Il signor Putin e il signor Xi riconoscono che non supereranno mai questo, indipendentemente da quanto con successo le loro politiche estere, tecnologiche e spaziali facciano avanzare lo sviluppo dei loro paesi, o da quanto petrolio e gas vendono al mondo. E non serve ammonirli che ottenere il rispetto richiede loro di comportarsi in modo rispettabile, piuttosto che incarcerare candidati dell'opposizione e dissidenti (compresi i premi Nobel), perseguitare le persone per le loro convinzioni religiose, intimidire altri paesi con politiche commerciali punitive e lanciare invasioni. Dopo aver bevuto il Kool-Aid leninista della vittimizzazione, Putin e Xi vogliono contemporaneamente rovesciare l'ordine occidentale ed esserne stimati.In quanto tali, sono animati da una contraddizione che nessuna quantità di controllo occidentale può risolvere. Nemmeno l'effetto tonico del "fidanzamento", sostenuto attraverso nove amministrazioni presidenziali statunitensi, è stato sufficiente a superare il senso della Cina di essere bersaglio di una costante disapprovazione e minaccia ideologica (sotto forma di "evoluzione pacifica" e "rivoluzioni colorate") da parte della democrazie del mondo. Il signor Putin e il signor Xi sono molto irritati dal dover vivere accanto a democrazie di successo, come l'Ucraina e Taiwan, composte da popoli con storie, culture ed etnie simili.

La forza magnetica del dolore condiviso ha portato questi due ex rivali così vicini che hanno recentemente dichiarato che non c'erano "limiti" alla loro collaborazione. Entrambi insistono sul fatto che dovrebbe spettare al popolo del Paese "decidere se il proprio Stato è democratico". E Putin e Xi affermano di essere alla guida di un nuovo tipo di democrazia, non importa che Putin si consideri uno zar e che la versione di governo di Xi sia una "dittatura democratica del proletariato".

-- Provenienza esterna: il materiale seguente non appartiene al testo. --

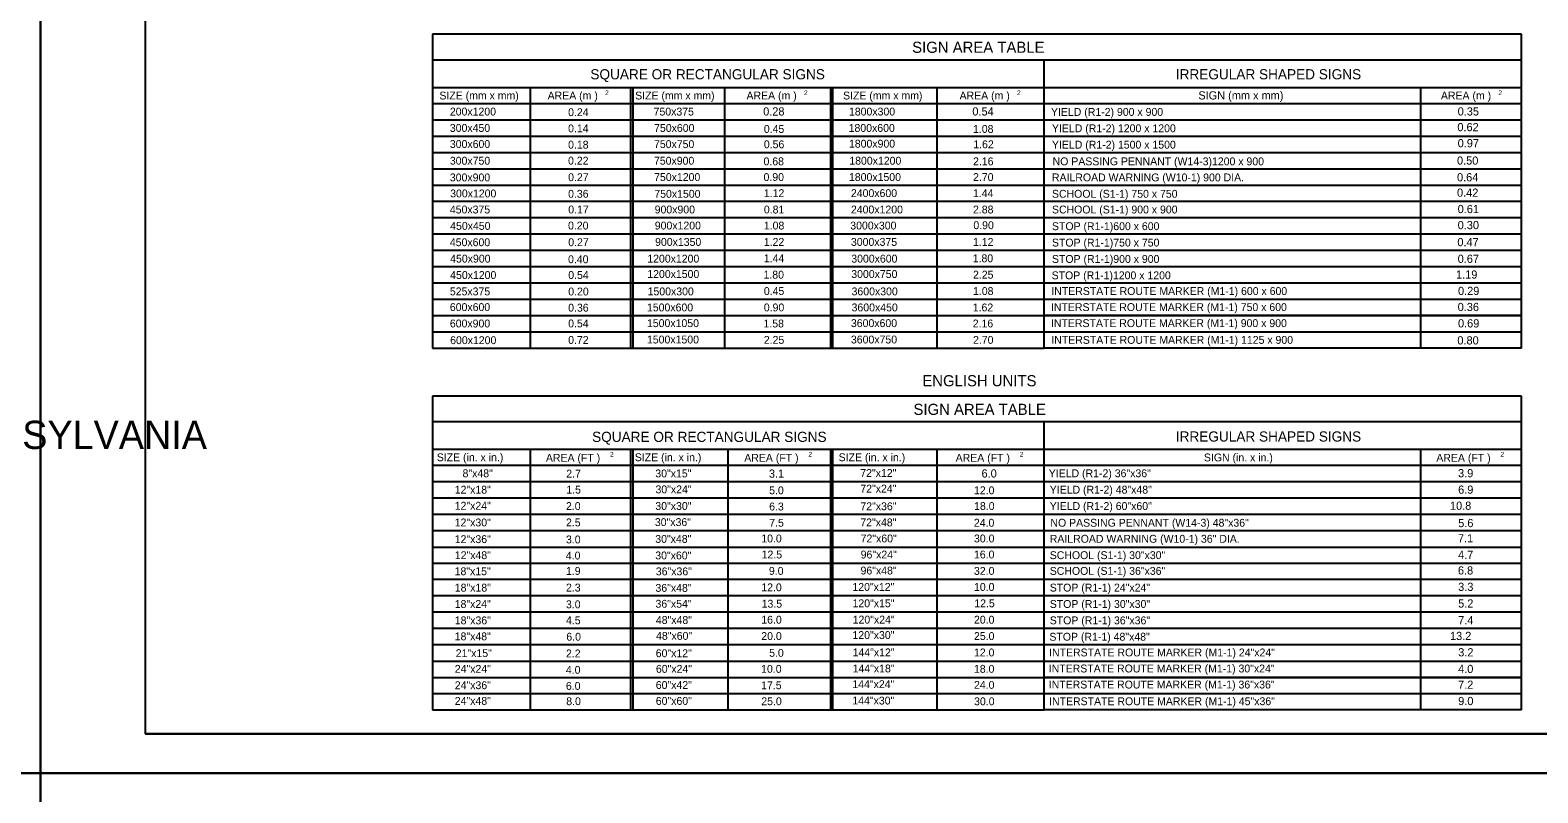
# Model space of a CAD drawing. Extents: x 644358 to 648627, y 294594 to 295782.
# Drawn here: x 646877 to 647453, y 295180 to 295471 of the extents above; entities that cross this region are included whole.
import ezdxf

# ---------------------------------------------------------------- set-up
doc = ezdxf.new("R2010")
doc.units = 0
for name, color, linetype in [('1', 7, 'Continuous'), ('2', 7, 'Continuous'), ('4', 7, 'Continuous'), ('PLT-BNDY', 7, 'Continuous')]:
    doc.layers.add(name, color=color, linetype=linetype)

msp = doc.modelspace()

# ---------------------------------------------------------------- linework, layer by layer
at = {"layer": '1'}
for p, q in [((646921.31, 295766.63), (646921.31, 295202.63)), ((647707.31, 295202.63), (646921.31, 295202.63)), ((646921.31, 295202.63), (647507.31, 295202.63))]:
    msp.add_line(p, q, dxfattribs=at)
at = {"layer": '2'}
for p, q in [((647030.99, 295469.63), (647030.99, 295349.88)), ((647446.74, 295469.63), (647030.99, 295469.63)), ((647446.74, 295349.88), (647446.74, 295469.63)), ((647446.74, 295459.75), (647030.99, 295459.75)), ((647264.37, 295459.75), (647264.37, 295349.88)), ((647030.99, 295449.38), (647446.74, 295449.38)), ((647068.24, 295449.38), (647068.24, 295349.88)), ((647106.62, 295449.38), (647106.62, 295349.88)), ((647107.49, 295449.38), (647107.49, 295349.88)), ((647142.49, 295449.38), (647142.49, 295349.88)), ((647182.99, 295449.38), (647182.99, 295349.88)), ((647183.74, 295449.38), (647183.74, 295349.88)), ((647223.49, 295449.38), (647223.49, 295349.88)), ((647408.37, 295349.88), (647408.37, 295449.38)), ((647030.99, 295443.25), (647446.74, 295443.25)), ((647030.99, 295437), (647446.74, 295437)), ((647030.99, 295430.75), (647446.74, 295430.75)), ((647030.99, 295424.5), (647446.74, 295424.5)), ((647030.99, 295418.25), (647446.74, 295418.25)), ((647030.99, 295412), (647446.74, 295412)), ((647030.99, 295405.88), (647446.74, 295405.88)), ((647030.99, 295399.75), (647446.74, 295399.75)), ((647030.99, 295393.5), (647446.74, 295393.5)), ((647030.99, 295387.25), (647446.74, 295387.25)), ((647030.99, 295381), (647446.74, 295381)), ((647030.99, 295374.75), (647446.74, 295374.75)), ((647030.99, 295368.5), (647446.74, 295368.5)), ((647264.37, 295368.5), (647446.74, 295368.5)), ((647030.99, 295362.25), (647446.74, 295362.25)), ((647446.74, 295362.25), (647264.37, 295362.25)), ((647030.99, 295356.13), (647446.74, 295356.13)), ((647030.99, 295349.88), (647264.37, 295349.88)), ((647446.74, 295349.88), (647264.37, 295349.88)), ((647030.99, 295331.57), (647030.99, 295211.82)), ((647446.74, 295331.57), (647030.99, 295331.57)), ((647446.74, 295211.82), (647446.74, 295331.57)), ((647446.74, 295321.69), (647030.99, 295321.69)), ((647264.37, 295321.69), (647264.37, 295211.82)), ((647030.99, 295311.32), (647446.74, 295311.32)), ((647068.24, 295311.32), (647068.24, 295211.82)), ((647106.62, 295311.32), (647106.62, 295211.82)), ((647107.49, 295311.32), (647107.49, 295211.82)), ((647143.79, 295311.32), (647143.79, 295211.82)), ((647182.99, 295311.32), (647182.99, 295211.82)), ((647183.74, 295311.32), (647183.74, 295211.82)), ((647223.49, 295311.32), (647223.49, 295211.82)), ((647408.37, 295211.82), (647408.37, 295311.32)), ((647030.99, 295305.19), (647446.74, 295305.19)), ((647030.99, 295298.94), (647446.74, 295298.94)), ((647030.99, 295292.69), (647446.74, 295292.69)), ((647030.99, 295286.44), (647446.74, 295286.44)), ((647030.99, 295280.19), (647446.74, 295280.19)), ((647030.99, 295273.94), (647446.74, 295273.94)), ((647030.99, 295267.82), (647446.74, 295267.82)), ((647030.99, 295261.69), (647446.74, 295261.69)), ((647030.99, 295255.44), (647446.74, 295255.44)), ((647030.99, 295249.19), (647446.74, 295249.19)), ((647030.99, 295242.94), (647446.74, 295242.94)), ((647030.99, 295236.69), (647446.74, 295236.69)), ((647030.99, 295230.44), (647446.74, 295230.44)), ((647264.37, 295230.44), (647446.74, 295230.44)), ((647030.99, 295224.19), (647446.74, 295224.19)), ((647446.74, 295224.19), (647264.37, 295224.19)), ((647030.99, 295218.07), (647446.74, 295218.07)), ((647030.99, 295211.82), (647264.37, 295211.82)), ((647446.74, 295211.82), (647264.37, 295211.82))]:
    msp.add_line(p, q, dxfattribs=at)
at = {"layer": '4'}
for p, q in [((647429.52, 295388.88), (647429.52, 295388.88)), ((647429.52, 295382.63), (647429.52, 295382.63)), ((647429.52, 295376.38), (647429.52, 295376.38)), ((647429.52, 295370.13), (647429.52, 295370.13)), ((647429.52, 295364), (647429.52, 295364)), ((647429.52, 295357.75), (647429.52, 295357.75)), ((647429.52, 295351.5), (647429.52, 295351.5)), ((647085.45, 295225.69), (647085.45, 295225.69)), ((647085.45, 295219.44), (647085.45, 295219.44)), ((647085.45, 295213.19), (647085.45, 295213.19))]:
    msp.add_line(p, q, dxfattribs=at)
at = {"layer": 'PLT-BNDY'}
for points in [[(646040.31, 295781.63), (646881.31, 295781.63), (646881.31, 295187.63), (646040.31, 295187.63)], [(646881.31, 295781.63), (647722.31, 295781.63), (647722.31, 295187.63), (646881.31, 295187.63)], [(646040.31, 295187.63), (646881.31, 295187.63), (646881.31, 294593.63), (646040.31, 294593.63)], [(646881.31, 295187.63), (647722.31, 295187.63), (647722.31, 294593.63), (646881.31, 294593.63)]]:
    msp.add_lwpolyline(points, close=True, dxfattribs=at)

# ---------------------------------------------------------------- texts
at = {"layer": '1'}
msp.add_text('COMMONWEALTH OF PENNSYLVANIA', height=10.7828, dxfattribs=at).set_placement((646678.9, 295311.36))
at = {"layer": '4'}
for s, height, p in [('SIGN AREA TABLE', 4.25, (647214.11, 295462.55)), ('SQUARE OR RECTANGULAR SIGNS', 3.8872, (647091.27, 295452.43)), ('IRREGULAR SHAPED SIGNS', 3.8872, (647314.77, 295452.43)), ('SIZE (mm x mm)', 3, (647033.62, 295444.75)), ('AREA (m )', 3, (647074.94, 295444.75)), ('2', 1.8, (647096.9, 295446.44)), ('SIZE (mm x mm)', 3, (647108.37, 295444.75)), ('AREA (m )', 3, (647150.87, 295444.75)), ('2', 1.8, (647172.82, 295446.44)), ('SIZE (mm x mm)', 3, (647187.74, 295444.75)), ('AREA (m )', 3, (647232.22, 295444.75)), ('2', 1.8, (647254.17, 295446.44)), ('SIGN (mm x mm)', 3.1252, (647323.37, 295444.75)), ('AREA (m )', 3, (647415.99, 295444.75)), ('2', 1.8, (647437.94, 295446.44)), ('200x1200', 3, (647037.62, 295438.63)), ('0.24', 3, (647082.76, 295438.38)), ('750x375', 3, (647115.41, 295438.63)), ('0.28', 3.125, (647157.24, 295438.63)), ('1800x300', 3, (647189.99, 295438.63)), ('0.54', 3.125, (647237.1, 295438.63)), ('YIELD (R1-2) 900 x 900 ', 3, (647267.12, 295438.5)), ('0.35', 3.125, (647422.39, 295438.63)), ('300x450', 3, (647037.62, 295432.38)), ('0.14', 3, (647082.76, 295432.22)), ('750x600', 3, (647115.6, 295432.38)), ('0.45', 3, (647157.49, 295432)), ('1800x600', 3, (647189.87, 295432.38)), ('1.08', 3, (647237.35, 295432)), ('YIELD (R1-2) 1200 x 1200 ', 3, (647267.49, 295432.25)), ('0.62', 3.125, (647422.27, 295432.63)), ('300x600', 3, (647037.62, 295426.25)), ('0.18', 3, (647082.76, 295426)), ('750x750', 3, (647115.55, 295426.2)), ('0.56', 3, (647157.5, 295426.13)), ('1800x900', 3, (647189.99, 295426.38)), ('1.62', 3, (647237.46, 295426.13)), ('YIELD (R1-2) 1500 x 1500 ', 3, (647267.49, 295426)), ('0.97', 3.125, (647422.39, 295426.5)), ('300x750', 3, (647037.62, 295419.88)), ('0.22', 3, (647082.74, 295419.9)), ('750x900', 3, (647115.55, 295419.88)), ('0.68', 3, (647157.37, 295419.63)), ('1800x1200', 3, (647190.12, 295419.88)), ('2.16', 3, (647237.36, 295419.63)), ('NO PASSING PENNANT (W14-3)1200 x 900 ', 3, (647267.74, 295419.63)), ('0.50', 3.125, (647422.14, 295419.88)), ('300x900', 3, (647037.62, 295413.5)), ('0.27', 3, (647082.78, 295413.58)), ('750x1200', 3, (647115.6, 295413.63)), ('0.90', 3, (647157.37, 295413.63)), ('1800x1500', 3, (647189.99, 295413.63)), ('2.70', 3, (647237.36, 295413.63)), ('RAILROAD WARNING (W10-1) 900 DIA.', 3, (647267.49, 295413.5)), ('0.64', 3.125, (647422.14, 295413.5)), ('300x1200', 3, (647037.74, 295407.38)), ('0.36', 3, (647082.76, 295407.25)), ('750x1500', 3, (647115.68, 295407.24)), ('1.12', 3, (647157.49, 295407.5)), ('2400x600', 3, (647190.74, 295407.5)), ('1.44', 3, (647237.35, 295407.5)), ('SCHOOL (S1-1) 750 x 750 ', 3, (647267.49, 295407.25)), ('0.42', 3.125, (647422.14, 295407.63)), ('450x375', 3, (647037.62, 295401.25)), ('0.17', 3, (647082.82, 295401.25)), ('900x900', 3, (647115.81, 295401.25)), ('0.81', 3, (647157.5, 295401.25)), ('2400x1200', 3, (647190.74, 295401.25)), ('2.88', 3, (647237.35, 295401.25)), ('SCHOOL (S1-1) 900 x 900 ', 3, (647267.49, 295401.25)), ('0.61', 3.125, (647422.39, 295401.38)), ('450x450', 3, (647037.74, 295395)), ('0.20', 3, (647082.74, 295395.13)), ('900x1200', 3, (647115.85, 295395.13)), ('1.08', 3, (647157.49, 295395.13)), ('3000x300', 3, (647190.49, 295395.13)), ('0.90', 3, (647237.49, 295395.26)), ('STOP (R1-1)600 x 600 ', 3, (647267.49, 295394.88)), ('0.30', 3.125, (647422.39, 295395.25)), ('450x600', 3, (647037.62, 295388.75)), ('0.27', 3, (647082.82, 295388.77)), ('900x1350', 3, (647115.98, 295388.88)), ('1.22', 3, (647157.49, 295388.88)), ('3000x375', 3, (647190.74, 295388.88)), ('1.12', 3, (647237.35, 295388.88)), ('STOP (R1-1)750 x 750', 3, (647267.49, 295388.63)), ('0.47', 3.125, (647422.27, 295388.75)), ('450x900', 3, (647037.74, 295382.5)), ('0.40', 3, (647082.74, 295382.25)), ('1200x1200', 3, (647112.99, 295382.5)), ('1.44', 3, (647157.49, 295382.63)), ('3000x600', 3, (647190.87, 295382.5)), ('1.80', 3, (647237.23, 295382.63)), ('STOP (R1-1)900 x 900 ', 3, (647267.49, 295382.38)), ('0.67', 3.125, (647422.39, 295382.38)), ('1200x1500', 3, (647112.99, 295376.63)), ('3000x750', 3, (647190.87, 295376.63)), ('1.19', 3.125, (647421.77, 295376.38)), ('450x1200', 3, (647037.74, 295376.25)), ('0.54', 3, (647082.82, 295376.25)), ('1.80', 3, (647157.37, 295376.38)), ('2.25', 3, (647237.35, 295376.38)), ('STOP (R1-1)1200 x 1200', 3, (647267.37, 295376.13)), ('525x375', 3, (647037.62, 295370)), ('0.20', 3, (647082.82, 295369.95)), ('1500x300', 3, (647113.12, 295370)), ('0.45', 3, (647157.49, 295370.13)), ('3600x300', 3, (647190.99, 295370)), ('1.08', 3, (647237.35, 295370.13)), ('INTERSTATE ROUTE MARKER (M1-1) 600 x 600 ', 3, (647267.24, 295370.13)), ('0.29', 3.125, (647422.52, 295370.13)), ('600x600', 3, (647037.62, 295364)), ('0.36', 3, (647082.79, 295363.79)), ('1500x600', 3, (647112.87, 295363.88)), ('0.90', 3, (647157.48, 295363.88)), ('3600x450', 3, (647190.99, 295363.88)), ('1.62', 3, (647237.25, 295363.88)), ('INTERSTATE ROUTE MARKER (M1-1) 750 x 600 ', 3, (647267.12, 295364)), ('0.36', 3.125, (647422.39, 295364)), ('600x900', 3, (647037.62, 295357.75)), ('0.54', 3, (647082.78, 295357.77)), ('1500x1050', 3, (647112.87, 295357.88)), ('1.58', 3, (647157.36, 295357.75)), ('3600x600', 3, (647190.74, 295357.88)), ('2.16', 3, (647237.25, 295357.75)), ('INTERSTATE ROUTE MARKER (M1-1) 900 x 900 ', 3, (647267.12, 295357.88)), ('0.69', 3.125, (647422.52, 295357.75)), ('600x1200', 3, (647037.74, 295351.38)), ('0.72', 3, (647082.78, 295351.47)), ('1500x1500', 3, (647112.87, 295351.63)), ('2.25', 3, (647157.49, 295351.5)), ('3600x750', 3, (647190.74, 295351.63)), ('2.70', 3, (647237.36, 295351.5)), ('INTERSTATE ROUTE MARKER (M1-1) 1125 x 900 ', 3, (647267.24, 295351.5)), ('0.80', 3.125, (647422.27, 295351.25)), ('ENGLISH UNITS', 4.25, (647218, 295335.29)), ('SIGN AREA TABLE', 4.25, (647214.62, 295324.36)), ('SQUARE OR RECTANGULAR SIGNS', 3.8872, (647091.92, 295314.05)), ('IRREGULAR SHAPED SIGNS', 3.8872, (647314.77, 295314.19)), ('SIZE (in. x in.)', 3, (647032.62, 295306.69)), ('AREA (FT )', 3, (647074.29, 295306.49)), ('2', 1.8, (647098.78, 295308.45)), ('SIZE (in. x in.)', 3, (647108.23, 295306.69)), ('AREA (FT )', 3, (647150.02, 295306.49)), ('2', 1.8, (647174.51, 295308.45)), ('SIZE (in. x in.)', 3, (647186.05, 295306.69)), ('AREA (FT )', 3, (647230.72, 295306.49)), ('2', 1.8, (647255.21, 295308.45)), ('SIGN (in. x in.)', 3, (647325.51, 295306.62)), ('AREA (FT )', 3, (647414.23, 295306.49)), ('2', 1.8, (647438.72, 295308.45)), ('8"x48"', 3, (647042.47, 295300.57)), ('2.7', 3, (647082.06, 295300.45)), ('30"x15"', 3, (647116.06, 295300.53)), ('3.1', 3.125, (647159.42, 295300.4)), ('72"x12"', 3, (647194.31, 295300.7)), ('6.0', 3.125, (647240.61, 295300.46)), ('YIELD (R1-2) 36"x36" ', 3, (647266.27, 295300.58)), ('3.9', 3.125, (647422.54, 295300.56)), ('12"x18"', 3, (647039.47, 295294.32)), ('1.5', 3, (647082.08, 295294.34)), ('30"x24"', 3, (647116.12, 295294.45)), ('5.0', 3, (647159.52, 295294.08)), ('72"x24"', 3, (647194.33, 295294.73)), ('12.0', 3, (647237.72, 295294.08)), ('YIELD (R1-2) 48"x48" ', 3, (647266.65, 295294.33)), ('6.9', 3.125, (647422.57, 295294.28)), ('12"x24"', 3, (647039.47, 295288.19)), ('2.0', 3, (647081.95, 295288.07)), ('30"x30"', 3, (647116.07, 295288.1)), ('6.3', 3, (647159.52, 295287.9)), ('72"x36"', 3, (647194.35, 295287.99)), ('18.0', 3, (647237.77, 295288.08)), ('YIELD (R1-2) 60"x60" ', 3, (647266.65, 295288.08)), ('10.8', 3.125, (647419.45, 295288.15)), ('12"x30"', 3, (647039.47, 295281.82)), ('2.5', 3, (647081.96, 295281.83)), ('30"x36"', 3, (647115.89, 295281.95)), ('7.5', 3, (647159.56, 295281.7)), ('72"x48"', 3, (647194.32, 295281.83)), ('24.0', 3, (647237.68, 295281.7)), ('NO PASSING PENNANT (W14-3) 48"x36" ', 3, (647266.9, 295281.7)), ('5.6', 3.125, (647422.59, 295281.53)), ('12"x36"', 3, (647039.47, 295275.44)), ('3.0', 3, (647081.95, 295275.32)), ('30"x48"', 3, (647116.04, 295275.53)), ('10.0', 3, (647156.52, 295275.7)), ('72"x60"', 3, (647194.44, 295275.71)), ('30.0', 3, (647237.72, 295275.7)), ('RAILROAD WARNING (W10-1) 36" DIA.', 3, (647266.65, 295275.58)), ('7.1', 3.125, (647422.49, 295275.72)), ('12"x48"', 3, (647039.51, 295269.32)), ('4.0', 3, (647081.9, 295269.19)), ('30"x60"', 3, (647116.04, 295269.23)), ('12.5', 3, (647156.65, 295269.58)), ('96"x24"', 3, (647194.46, 295269.58)), ('16.0', 3, (647237.72, 295269.58)), ('SCHOOL (S1-1) 30"x30" ', 3, (647266.65, 295269.33)), ('4.7', 3.125, (647422.54, 295269.42)), ('18"x15"', 3, (647039.44, 295263.19)), ('1.9', 3, (647081.94, 295263.32)), ('36"x36"', 3, (647116.24, 295263.15)), ('9.0', 3, (647159.43, 295263.33)), ('96"x48"', 3, (647194.41, 295263.47)), ('32.0', 3, (647237.72, 295263.33)), ('SCHOOL (S1-1) 36"x36" ', 3, (647266.65, 295263.33)), ('6.8', 3.125, (647422.48, 295263.45)), ('18"x18"', 3, (647039.5, 295256.94)), ('2.3', 3, (647081.96, 295256.96)), ('36"x48"', 3, (647116.12, 295256.85)), ('12.0', 3, (647156.52, 295257.05)), ('120"x12"', 3, (647191.3, 295257.21)), ('10.0', 3, (647237.72, 295257.2)), ('STOP (R1-1) 24"x24" ', 3, (647266.65, 295256.95)), ('3.3', 3.125, (647422.57, 295257.19)), ('18"x24"', 3, (647039.47, 295250.69)), ('3.0', 3, (647081.95, 295250.57)), ('36"x54"', 3, (647116.12, 295250.78)), ('13.5', 3, (647156.65, 295250.8)), ('120"x15"', 3, (647191.35, 295250.96)), ('12.5', 3, (647237.85, 295250.95)), ('STOP (R1-1) 30"x30"', 3, (647266.65, 295250.7)), ('5.2', 3.125, (647422.57, 295250.83)), ('18"x36"', 3, (647039.5, 295244.44)), ('4.5', 3, (647081.96, 295244.46)), ('48"x48"', 3, (647116.27, 295244.58)), ('16.0', 3, (647156.52, 295244.7)), ('120"x24"', 3, (647191.41, 295244.72)), ('20.0', 3, (647237.72, 295244.7)), ('STOP (R1-1) 36"x36" ', 3, (647266.65, 295244.45)), ('7.4', 3.125, (647422.57, 295244.45)), ('18"x48"', 3, (647039.46, 295238.34)), ('48"x60"', 3, (647116.34, 295238.53)), ('20.0', 3, (647156.52, 295238.45)), ('120"x30"', 3, (647191.33, 295238.84)), ('25.0', 3, (647237.72, 295238.45)), ('STOP (R1-1) 48"x48"', 3, (647266.52, 295238.2)), ('13.2', 3.125, (647419.46, 295238.45)), ('6.0', 3, (647082.09, 295238.21)), ('21"x15"', 3, (647039.86, 295231.94)), ('2.2', 3, (647081.95, 295231.83)), ('60"x12"', 3, (647116.22, 295231.9)), ('5.0', 3, (647159.52, 295232.05)), ('144"x12"', 3, (647191.38, 295232.22)), ('12.0', 3, (647237.72, 295232.2)), ('INTERSTATE ROUTE MARKER (M1-1) 24"x24" ', 3, (647266.4, 295232.2)), ('3.2', 3.125, (647422.6, 295232.2)), ('24"x24"', 3, (647039.51, 295225.94)), ('4.0', 3, (647081.92, 295225.57)), ('60"x24"', 3, (647116.29, 295225.95)), ('10.0', 3, (647156.46, 295225.95)), ('144"x18"', 3, (647191.38, 295226.09)), ('18.0', 3, (647237.71, 295225.95)), ('INTERSTATE ROUTE MARKER (M1-1) 30"x24" ', 3, (647266.27, 295226.08)), ('4.0', 3.125, (647422.55, 295225.87)), ('24"x36"', 3, (647039.51, 295219.69)), ('6.0', 3, (647081.93, 295219.44)), ('60"x42"', 3, (647116.24, 295219.78)), ('17.5', 3, (647156.47, 295219.68)), ('144"x24"', 3, (647191.28, 295220.09)), ('24.0', 3, (647237.73, 295219.83)), ('INTERSTATE ROUTE MARKER (M1-1) 36"x36" ', 3, (647266.27, 295219.95)), ('7.2', 3.125, (647422.54, 295219.83)), ('24"x48"', 3, (647039.5, 295213.71)), ('8.0', 3, (647082.06, 295213.59)), ('60"x60"', 3, (647116.24, 295213.7)), ('25.0', 3, (647156.52, 295213.58)), ('144"x30"', 3, (647191.28, 295213.84)), ('30.0', 3, (647237.77, 295213.55)), ('INTERSTATE ROUTE MARKER (M1-1) 45"x36" ', 3, (647266.4, 295213.58)), ('9.0', 3.125, (647422.59, 295213.61))]:
    msp.add_text(s, height=height, dxfattribs=at).set_placement(p)

doc.saveas('drawing.dxf')

La domanda ora è se Russia e Cina saranno in grado di mantenere il loro patto dopo la decisione di Putin di entrare in guerra. Poco prima dell'invasione, il ministro degli Esteri cinese Wang Yi ha detto alla Conferenza sulla sicurezza di Monaco che la "sovranità" e "l'integrità territoriale" di tutti i paesi dovrebbero essere protette e che "l'Ucraina non fa eccezione". E il signor Xi ha successivamente chiamato Putin per spiegare che, sebbene la Cina possa simpatizzare in una certa misura con le mosse di Mosca, rispetta comunque la sovranità degli stati-nazione e intende sostenere i principi della Carta delle Nazioni Unite. Dopotutto, il Partito Comunista Cinese non vuole che le potenze straniere interferiscano nei suoi stessi "affari interni", non importa invadere la Cina.

Quale di questi imperativi vincerà? Molto probabilmente, l'avversione condivisa di Cina e Russia per la democrazia liberale (e per l'ipocrisia dei leader democratici) alla fine vincerà la pittoresca idea del 19° secolo secondo cui la sovranità nazionale è sacra. La narrativa della vittimizzazione che alimenta psicologicamente il nazionalismo di entrambi i paesi con riserve di risentimento è semplicemente troppo potente per essere annullata dalle sottigliezze del diritto internazionale. ©1995-2022 Sindacato del progetto

Orville Schell, direttore del Center on US-China Relations presso l'Asia Society, è co-editore (con Larry Diamond) di "Chinese Influence and American Interests: Promoting Constructive Engagement".